Why the May rollout matters
For the regular hobby person, this is the cheapest a single Hernkyn Yaegir model is ever going to be. The standalone Kill Team box is fair value if you want a full ten-figure squad, and Termination is the better deal if you also want the Brood Brothers half, but neither is what you reach for if you only want one. May’s freebie covers that gap. If you’ve never tried painting orange and have been intimidated by the Magmadroth Flame end of the GW range, this is the model to learn on. Three textures, no superhuman proportions, contrast paints carry most of the work.
If you collect Kroot or other-xenos and want a single conversion bit, that longcoat is genuinely useful for kitbashing, and now you don’t have to commit to a full ten-figure box to get one. Turning up to the FLGS on a Saturday in May is the cheapest source you’ll find for that bit.
GW isn’t running this giveaway out of the goodness of their hearts. The Votann codex is allegedly later in the 11th edition cycle, and Trans-Hyperian Alliance scheme materials in store windows on May 2 will be the most visible Votann marketing the brand has done in months. The faction has been quiet since the 9th edition launch hype, and even the Wargamer guide notes the 10th edition rules cards left them mid-tier at best.
I don’t know what the codex will look like or when it’ll land. There were rumours about it in the AdeptiCon roadmap and nothing concrete since.
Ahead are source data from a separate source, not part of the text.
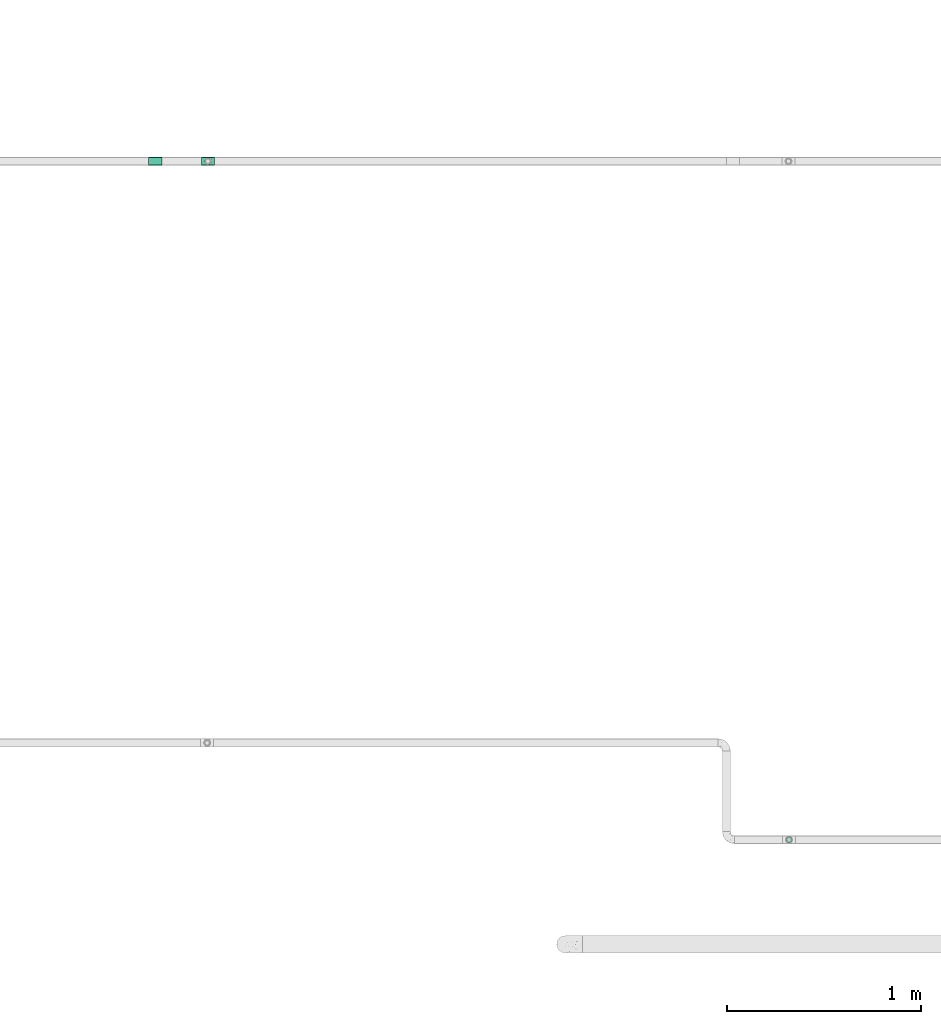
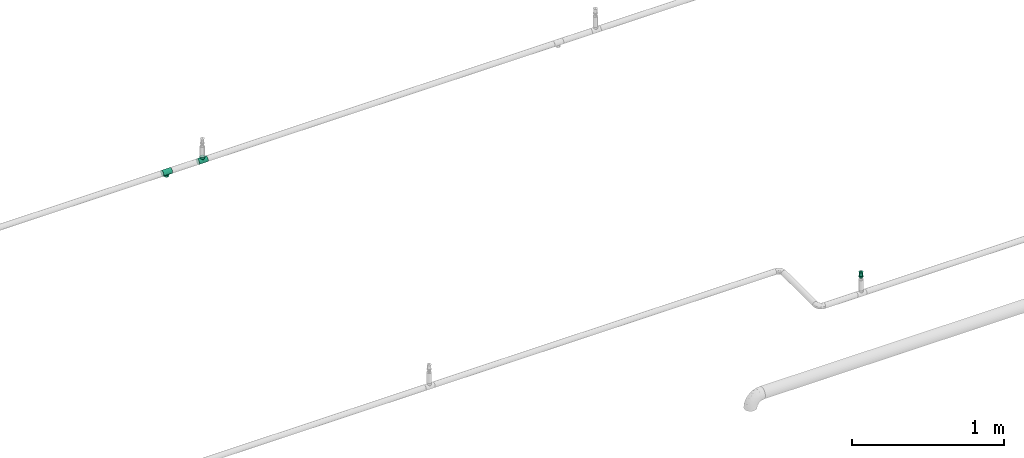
# One storey, part 57 of 94: 2 flow fittings, 1 flow terminal.
"""IFC2X3 building model written with IfcOpenShell, lengths in millimetres."""

from ifc_helpers import new_model, entity, si_unit, converted_unit, derived_unit, direction, frame, origin_with_axes, place, context, subcontext, project, spatial, open_shell, surface_model, source, transform, mapped, type_object, element, save


model = new_model("IFC2X3")

# Units and contexts
model_context = context("Model", 3, precision=0.01, world=frame((0.0, 4.29681676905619e-09, 0.0)), true_north=direction((4.01073788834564e-13, 1.0)))
plan_context = context("Plan", 3, precision=0.01, world=frame((0.0, 4.29681676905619e-09, 0.0)), true_north=direction((4.01073788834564e-13, 1.0)))
body_context = subcontext(model_context, "Body", "Model", "MODEL_VIEW")
ifc_project = project(units=[converted_unit("PLANEANGLEUNIT", "DEGREE", entity("IfcPositiveLengthMeasure", 0.0174532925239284), si_unit("PLANEANGLEUNIT", "RADIAN"), dimensions=[0, 0, 0, 0, 0, 0, 0]), si_unit("AREAUNIT", "SQUARE_METRE"), si_unit("LENGTHUNIT", "METRE", prefix="MILLI"), si_unit("MASSUNIT", "GRAM", prefix="KILO"), si_unit("POWERUNIT", "WATT"), si_unit("PRESSUREUNIT", "PASCAL"), si_unit("FORCEUNIT", "NEWTON", prefix="KILO"), si_unit("ELECTRICCURRENTUNIT", "AMPERE"), si_unit("THERMODYNAMICTEMPERATUREUNIT", "DEGREE_CELSIUS"), si_unit("TIMEUNIT", "SECOND"), si_unit("VOLUMEUNIT", "CUBIC_METRE"), derived_unit("LINEARVELOCITYUNIT", [(si_unit("LENGTHUNIT", "METRE"), 1), (si_unit("TIMEUNIT", "SECOND"), -1)]), derived_unit("VOLUMETRICFLOWRATEUNIT", [(si_unit("VOLUMEUNIT", "CUBIC_METRE"), 1), (si_unit("TIMEUNIT", "SECOND"), -1)]), derived_unit("THERMALTRANSMITTANCEUNIT", [(si_unit("POWERUNIT", "WATT"), 1), (si_unit("THERMODYNAMICTEMPERATUREUNIT", "KELVIN"), -1), (si_unit("AREAUNIT", "SQUARE_METRE"), -1)])], contexts=[model_context, plan_context])

# Site, building, storey
site_placement = place(None, frame((0.0, -4.29681676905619e-09, 0.0), z_axis=(0.0, 0.0, 1.0), x_axis=(1.0, 0.0, 0.0)))
site = spatial("IfcSite", under=ifc_project, at=site_placement, CompositionType="ELEMENT")
building_placement = place(site_placement, frame((0.0, 4.29681676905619e-09, 0.0), z_axis=(0.0, 0.0, 1.0), x_axis=(1.0, 0.0, 0.0)))
building = spatial("IfcBuilding", under=site, at=building_placement, Name="mc-building", CompositionType="ELEMENT")
storey_placement = place(building_placement, frame((0.0, 0.0, 200300.0), z_axis=(0.0, 0.0, 1.0), x_axis=(1.0, 0.0, 0.0)))
storey = spatial("IfcBuildingStorey", under=building, at=storey_placement, Name="Nivå C", CompositionType="ELEMENT", Elevation=200300.0)

# Flow fittings
pipe_fitting_type = type_object("IfcPipeFittingType", Name="magi_pipe_fe_tee_centric_90_NOR", PredefinedType="JUNCTION")
shared_shape_1 = source(origin_with_axes(), body_context, "Body", "SurfaceModel", [
    surface_model("IfcShellBasedSurfaceModel", [(-33.8, 0.0, -21.2), (-33.8, -5.48696, -20.47763), (-33.8, 5.48696, -20.47763), (-33.8, 10.6, -18.35974), (-33.8, 14.99066, -14.99066), (-33.8, -20.47763, 5.48696), (-33.8, 18.35974, -10.6), (-33.8, 10.6, 18.35974), (-33.8, -14.99066, -14.99066), (-33.8, -18.35974, -10.6), (-33.8, -10.6, -18.35974), (-33.8, -20.47763, -5.48696), (-33.8, -21.2, 0.0), (-33.8, 18.35974, 10.6), (-33.8, 20.47763, -5.48696), (-33.8, 20.47763, 5.48696), (-33.8, 21.2, 0.0), (-33.8, 14.99066, 14.99066), (-33.8, 5.48696, 20.47763), (-33.8, 0.0, 21.2), (-33.8, -18.35974, 10.6), (-33.8, -14.99066, 14.99066), (-33.8, -10.6, 18.35974), (-33.8, -5.48696, 20.47763), (33.8, 5.48696, -20.47763), (33.8, -5.48696, -20.47763), (33.8, 0.0, -21.2), (33.8, 14.99066, -14.99066), (33.8, 10.6, -18.35974), (33.8, 18.35974, -10.6), (33.8, 20.47763, -5.48696), (33.8, -21.2, 0.0), (33.8, -10.6, -18.35974), (33.8, -18.35974, -10.6), (33.8, -14.99066, -14.99066), (33.8, -20.47763, -5.48696), (33.8, -20.47763, 5.48696), (33.8, 21.2, 0.0), (33.8, 20.47763, 5.48696), (33.8, 18.35974, 10.6), (33.8, 10.6, 18.35974), (33.8, 14.99066, 14.99066), (33.8, 0.0, 21.2), (33.8, 5.48696, 20.47763), (33.8, -14.99066, 14.99066), (33.8, -18.35974, 10.6), (33.8, -10.6, 18.35974), (33.8, -5.48696, 20.47763), (16.9, -21.2, 0.0), (15.78624, -20.32327, 6.03364), (12.81343, -18.11115, 11.01935), (8.52479, -15.37862, 14.59239), (3.07939, -13.16482, 16.61708), (-16.9, -21.2, 0.0), (-15.78686, -20.32375, 6.032), (-8.52604, -15.37932, 14.59166), (-3.0848, -13.16609, 16.61608), (-12.81602, -18.11299, 11.01634), (3.07939, -13.16482, -16.61708), (12.81343, -18.11115, -11.01935), (8.52479, -15.37862, -14.59239), (15.78624, -20.32327, -6.03364), (-3.0848, -13.16609, -16.61608), (-8.52604, -15.37932, -14.59166), (-12.81602, -18.11299, -11.01634), (-15.78686, -20.32375, -6.032), (4.37404, -31.8, -16.32415), (-16.9, -31.8, 0.0), (0.0, -31.8, -16.9), (14.63583, -31.8, -8.45), (8.45, -31.8, -14.63583), (16.32415, -31.8, -4.37404), (11.9501, -31.8, -11.9501), (-11.9501, -31.8, -11.9501), (-8.45, -31.8, -14.63583), (-4.37404, -31.8, -16.32415), (-14.63583, -31.8, -8.45), (-16.32415, -31.8, -4.37404), (16.9, -31.8, 0.0), (8.45, -31.8, 14.63583), (16.32415, -31.8, 4.37404), (14.63583, -31.8, 8.45), (-8.45, -31.8, 14.63583), (11.9501, -31.8, 11.9501), (4.37404, -31.8, 16.32415), (-16.32415, -31.8, 4.37404), (-11.9501, -31.8, 11.9501), (-14.63583, -31.8, 8.45), (0.0, -31.8, 16.9), (-4.37404, -31.8, 16.32415), (-16.34343, -20.76188, 3.016), (16.34312, -20.76163, 3.01682), (-0.00271, -13.16546, 16.61658), (16.34312, -20.76163, -3.01682), (-0.00271, -13.16546, -16.61658), (-16.34343, -20.76188, -3.016)], [open_shell([[[0, 1, 2]], [[3, 2, 4]], [[5, 2, 1]], [[4, 2, 6]], [[6, 2, 7]], [[8, 9, 10]], [[1, 10, 9]], [[9, 11, 1]], [[12, 1, 11]], [[5, 1, 12]], [[13, 14, 6]], [[13, 15, 16]], [[6, 7, 13]], [[5, 7, 2]], [[17, 13, 7]], [[18, 7, 19]], [[20, 21, 5]], [[22, 5, 21]], [[23, 19, 22]], [[7, 5, 22]], [[22, 19, 7]], [[16, 14, 13]], [[24, 25, 26]], [[27, 24, 28]], [[29, 30, 24]], [[29, 24, 27]], [[31, 24, 30]], [[32, 33, 34]], [[33, 32, 25]], [[33, 31, 35]], [[31, 33, 25]], [[25, 24, 31]], [[30, 36, 31]], [[37, 38, 39]], [[37, 39, 40]], [[37, 40, 36]], [[40, 39, 41]], [[42, 40, 43]], [[36, 44, 45]], [[44, 36, 46]], [[46, 42, 47]], [[46, 36, 40]], [[40, 42, 46]], [[37, 36, 30]], [[31, 36, 48]], [[49, 48, 36]], [[36, 45, 49]], [[45, 44, 50]], [[51, 50, 44]], [[52, 51, 44]], [[44, 46, 52]], [[45, 50, 49]], [[53, 54, 5]], [[5, 12, 53]], [[54, 20, 5]], [[55, 56, 21]], [[20, 57, 21]], [[57, 20, 54]], [[21, 57, 55]], [[56, 22, 21]], [[52, 22, 56]], [[19, 47, 42]], [[23, 46, 47]], [[18, 42, 43]], [[39, 38, 15]], [[17, 40, 41]], [[13, 41, 39]], [[43, 40, 7]], [[16, 38, 37]], [[22, 46, 23]], [[23, 47, 19]], [[18, 19, 42]], [[43, 7, 18]], [[7, 40, 17]], [[13, 17, 41]], [[15, 13, 39]], [[38, 16, 15]], [[46, 22, 52]], [[6, 30, 29]], [[14, 37, 30]], [[4, 29, 27]], [[26, 25, 1]], [[2, 28, 24]], [[0, 24, 26]], [[27, 28, 3]], [[10, 25, 32]], [[16, 37, 14]], [[14, 30, 6]], [[4, 6, 29]], [[27, 3, 4]], [[3, 28, 2]], [[0, 2, 24]], [[1, 0, 26]], [[25, 10, 1]], [[32, 58, 10]], [[34, 59, 60]], [[59, 34, 33]], [[60, 58, 34]], [[34, 58, 32]], [[35, 31, 48]], [[35, 61, 33]], [[61, 35, 48]], [[33, 61, 59]], [[62, 63, 8]], [[8, 64, 9]], [[64, 8, 63]], [[62, 8, 10]], [[65, 53, 11]], [[65, 11, 9]], [[11, 53, 12]], [[65, 9, 64]], [[58, 62, 10]], [[66, 67, 68]], [[69, 66, 70]], [[69, 71, 66]], [[69, 70, 72]], [[67, 66, 71]], [[68, 73, 74]], [[74, 75, 68]], [[76, 67, 77]], [[73, 68, 76]], [[67, 76, 68]], [[71, 78, 67]], [[79, 78, 80]], [[79, 80, 81]], [[82, 67, 79]], [[79, 81, 83]], [[82, 79, 84]], [[85, 86, 87]], [[86, 85, 82]], [[82, 88, 89]], [[85, 67, 82]], [[84, 88, 82]], [[79, 67, 78]], [[85, 90, 67]], [[57, 87, 86]], [[85, 87, 54]], [[86, 82, 55]], [[85, 54, 90]], [[90, 53, 67]], [[54, 87, 57]], [[91, 49, 80]], [[55, 89, 56]], [[55, 57, 86]], [[88, 52, 92]], [[55, 82, 89]], [[52, 88, 84]], [[79, 51, 84]], [[50, 83, 81]], [[83, 51, 79]], [[81, 80, 49]], [[83, 50, 51]], [[51, 52, 84]], [[78, 91, 80]], [[49, 50, 81]], [[91, 78, 48]], [[88, 56, 89]], [[92, 56, 88]], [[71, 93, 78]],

The Theyns are the bit I’ll be watching. If the next Votann release adds new Hernkyn Yaegir characters, Hâvyr Starseeker as a named model perhaps, or a different Theyn from another Kindred, that’s where the faction’s narrative weight could start to shift. The lore for that direction is already sitting in the codex, half-noticed.
The sniper variant is called a Riflekyn. I keep forgetting that. The team also includes a Tracker armed with throwing hatchets, which I will continue to find delightful for reasons I can’t quite articulate.